**Activity:** Scan the material for the word "color", then return every line where it appears.
*** Given data
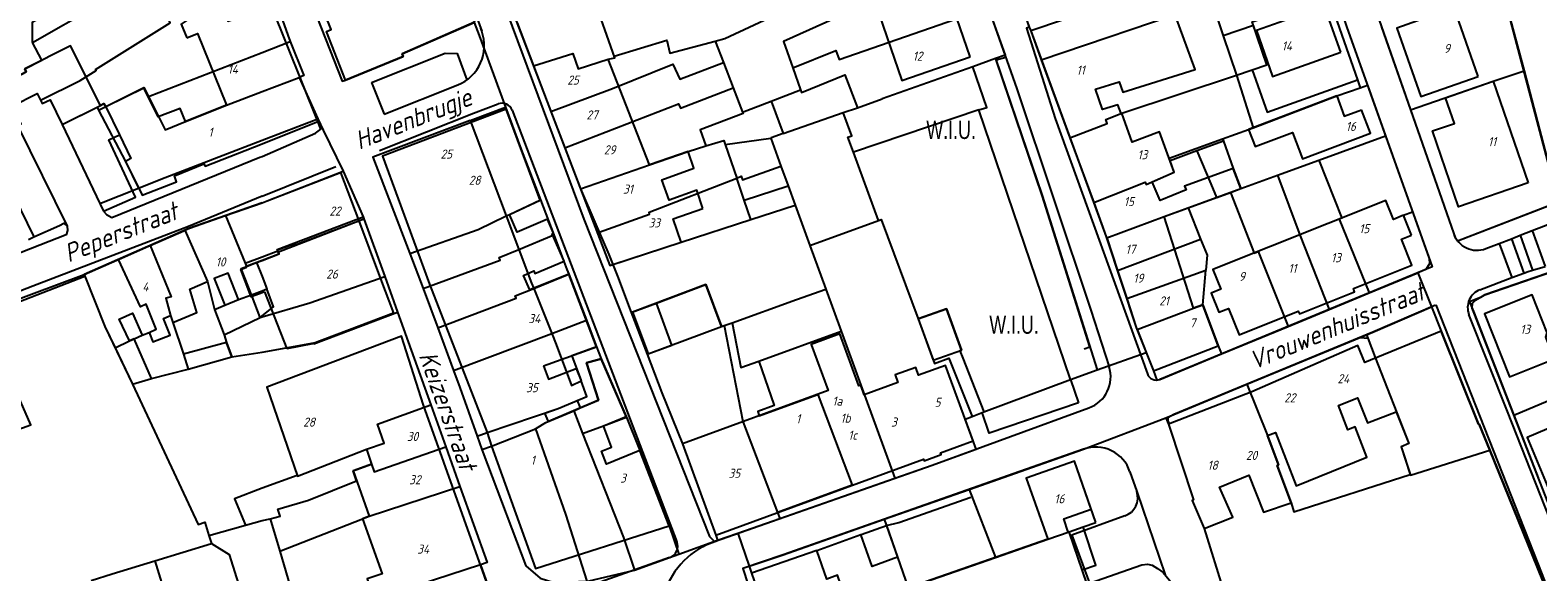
# Model space of a CAD drawing. Extents: x 124314 to 128016, y 450271 to 453716.
# Tile 21 of 40: x 124968 to 125175, y 450843 to 450918. Entities that reach past the tile are written whole.
import ezdxf
from ezdxf.enums import TextEntityAlignment as Align

# ---------------------------------------------------------------- set-up
doc = ezdxf.new("R2010")
doc.units = 0
doc.header["$MEASUREMENT"] = 0
for name, color, linetype in [('Default_113', 7, 'Continuous'), ('Default_117', 7, 'Continuous'), ('Default_121', 7, 'Continuous'), ('Default_21', 40, 'Continuous'), ('Default_4', 1, 'Continuous'), ('Default_48', 140, 'Continuous'), ('Default_79', 2, 'Continuous'), ('Default_80', 7, 'Continuous'), ('Default_99', 2, 'Continuous')]:
    doc.layers.add(name, color=color, linetype=linetype)
doc.styles.get("Standard").update_dxf_attribs({"font": 'ARIAL.TTF'})
doc.styles.add('Style-ENGINEERING', font='isoct.shx', dxfattribs={"oblique": 15})

msp = doc.modelspace()

# ---------------------------------------------------------------- linework, layer by layer
at = {"layer": 'Default_21', "lineweight": -3, "flags": 128}
for points in [[(124964.18, 450950.16), (124969.96, 450941.92), (124973.43, 450936.58), (124973.16, 450936.41), (124970.57, 450934.7), (124970.49, 450934.81), (124969.43, 450934.05), (124972.57, 450929.1), (124976.12, 450923.15), (124968.45, 450918.77), (124968.42, 450916.09), (124968.46, 450916.02)], [(125062.26, 450916.21), (125063.6, 450916.56), (125075.67, 450922.23), (125094.56, 450930.99), (125095.98, 450931.44)], [(124968.46, 450916.02), (124986.15, 450926.13), (124984.87, 450928.65), (124985.06, 450928.71)], [(125097.82, 450926.25), (125084.18, 450921.76), (125071.63, 450916.15), (125072.9, 450912.53)], [(125005.85, 450923.9), (125011.03, 450910.68), (125011.46, 450910.84), (125019.4, 450914.08), (125019.25, 450914.47), (125029.13, 450918.75)], [(125170.26, 450923.96), (125171.52, 450919.08), (125173.36, 450912.12)], [(124969.56, 450908.08), (124975.02, 450910.78), (124977.24, 450912.18), (124977.12, 450912.3), (124987.38, 450918.73), (124987.03, 450919.69), (124989.63, 450920.88), (124992.75, 450922.28), (124993.29, 450920.74), (124993.47, 450920.8), (124993.93, 450919.61), (124994.89, 450919.95), (124995.29, 450918.93), (125000, 450920.46)], [(125002.08, 450921.13), (125003.55, 450917), (125003.89, 450916.16)], [(125130.47, 450921.57), (125132.01, 450916.94), (125133.86, 450911.5)], [(125136.03, 450912.24), (125138.05, 450912.92), (125136.03, 450918.86), (125146.47, 450922.4)], [(125146.47, 450922.4), (125150.48, 450910.86)], [(125072.9, 450912.53), (125078.82, 450914.92), (125079.3, 450913.67), (125099.76, 450920.78)], [(125099.76, 450920.78), (125102.08, 450914.25)], [(125104.98, 450919.25), (125105.38, 450918.1), (125105.59, 450917.59), (125107.04, 450913.64)], [(125107.04, 450913.64), (125128.4, 450920.86)], [(125029.13, 450918.75), (125029.81, 450916.97), (125033.45, 450907.15)], [(125035.03, 450918.69), (125037.28, 450912.8)], [(125153.8, 450918.12), (125157.76, 450906.78)], [(124962.85, 450909.41), (124967.59, 450911.99), (124967.41, 450912.4), (124969.75, 450913.57), (124968.46, 450916.02)], [(125000, 450914.64), (125003.89, 450916.16)], [(125003.89, 450916.16), (125005.76, 450911.47), (125005.11, 450911.21)], [(125037.28, 450912.8), (125042.7, 450914.52), (125043.42, 450912.37), (125047.57, 450913.7), (125048.46, 450913.88), (125048.37, 450914.12), (125055.62, 450916.32), (125056.04, 450914.53), (125062.26, 450916.21)], [(125062.26, 450916.21), (125063.39, 450913.28)], [(124984.4, 450908.58), (125000, 450914.64)], [(125037.28, 450912.8), (125039.68, 450906.54)], [(125039.68, 450906.54), (125048.16, 450909.71), (125056.43, 450913.05), (125057.39, 450910.97), (125063.39, 450913.28)], [(125063.39, 450913.28), (125064.74, 450909.77)], [(125097.66, 450912.68), (125085.2, 450908.25)], [(125100.78, 450913.79), (125097.66, 450912.68)], [(125098.49, 450906.74), (125099.56, 450907.1), (125097.66, 450912.68)], [(125102.08, 450914.25), (125100.78, 450913.79)], [(125100.78, 450913.79), (125107.16, 450895.01), (125114.71, 450871.08)], [(125107.04, 450913.64), (125110.99, 450902.93)], [(125000, 450909.26), (125005.11, 450911.21)], [(125005.11, 450911.21), (125007.68, 450905.54)], [(125072.9, 450912.53), (125073.96, 450909.49)], [(125073.96, 450909.49), (125074.09, 450909.13), (125080.04, 450911.57), (125081.78, 450907.05)], [(125110.99, 450902.93), (125116.11, 450904.89), (125115.93, 450905.42), (125118.09, 450906.31), (125133.86, 450911.5)], [(125133.86, 450911.5), (125136.03, 450912.24)], [(125133.86, 450911.5), (125136.15, 450904.29)], [(125136.03, 450912.24), (125138.08, 450906.45), (125150.48, 450910.86)], [(125150.48, 450910.86), (125150.85, 450909.8)], [(125157.76, 450906.78), (125169.11, 450910.68), (125173.36, 450912.12)], [(125173.36, 450912.12), (125177.06, 450898.09)], [(124965.69, 450907.28), (124969.1, 450908.99), (124969.56, 450908.08)], [(124977.56, 450906.73), (124983.77, 450909.83), (124984.4, 450908.58)], [(124984.4, 450908.58), (124986.7, 450904.02), (124989.47, 450905.14), (124995.12, 450907.39), (125000, 450909.26)], [(125041.59, 450901.54), (125057.22, 450907.58), (125057.51, 450906.98), (125064.74, 450909.77)], [(125064.74, 450909.77), (125066.02, 450906.45)], [(125069.95, 450907.96), (125073.96, 450909.49)], [(125136.15, 450904.29), (125147.65, 450908.68), (125150.85, 450909.8)], [(125150.85, 450909.8), (125151.84, 450910.15), (125154.33, 450903.17)], [(124969.56, 450908.08), (124969.78, 450907.64), (124970.89, 450908.13), (124972.57, 450904.76)], [(124972.57, 450904.76), (124977.34, 450907.15), (124977.56, 450906.73)], [(124977.56, 450906.73), (124981.26, 450899.65), (124983.05, 450896.02)], [(125028.61, 450905.32), (125033.45, 450907.15)], [(125033.45, 450907.15), (125035.61, 450901.31), (125038.25, 450894.4)], [(125039.68, 450906.54), (125041.59, 450901.54)], [(125066.02, 450906.45), (125066.09, 450906.27), (125060.2, 450904.01), (125060.99, 450901.8)], [(125066.02, 450906.45), (125069.95, 450907.96)], [(125069.95, 450907.96), (125071.58, 450903.49)], [(125079.85, 450906.38), (125081.78, 450907.05)], [(125098.49, 450906.74), (125081.24, 450900.93)], [(125081.78, 450907.05), (125085.2, 450908.25)], [(125111.08, 450869.73), (125098.49, 450906.74)], [(125157.76, 450906.78), (125163.71, 450889.74), (125163.92, 450889.25), (125164.22, 450888.79), (125178.19, 450894.17)], [(124972.57, 450904.76), (124977.74, 450893.91), (124983.05, 450896.02)], [(125000, 450902.61), (125007.68, 450905.54)], [(125007.68, 450905.54), (125008.4, 450903.97), (125011.13, 450898.32)], [(125028.61, 450905.32), (125015.22, 450900.26), (125020.31, 450887.02)], [(125028.61, 450905.32), (125033.55, 450892.2)], [(125071.58, 450903.49), (125079.85, 450906.38)], [(125081.24, 450900.93), (125080.47, 450903.01), (125081.01, 450903.21), (125079.85, 450906.38)], [(124983.05, 450896.02), (124986.12, 450897.24), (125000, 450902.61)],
******
**Answer for the task:**
for name, color, linetype in [('Default_113', 7, 'Continuous'), ('Default_117', 7, 'Continuous'), ('Default_121', 7, 'Continuous'), ('Default_21', 40, 'Continuous'), ('Default_4', 1, 'Continuous'), ('Default_48', 140, 'Continuous'), ('Default_79', 2, 'Continuous'), ('Default_80', 7, 'Continuous'), ('Default_99', 2, 'Continuous')]:
    doc.layers.add(name, color=color, linetype=linetype)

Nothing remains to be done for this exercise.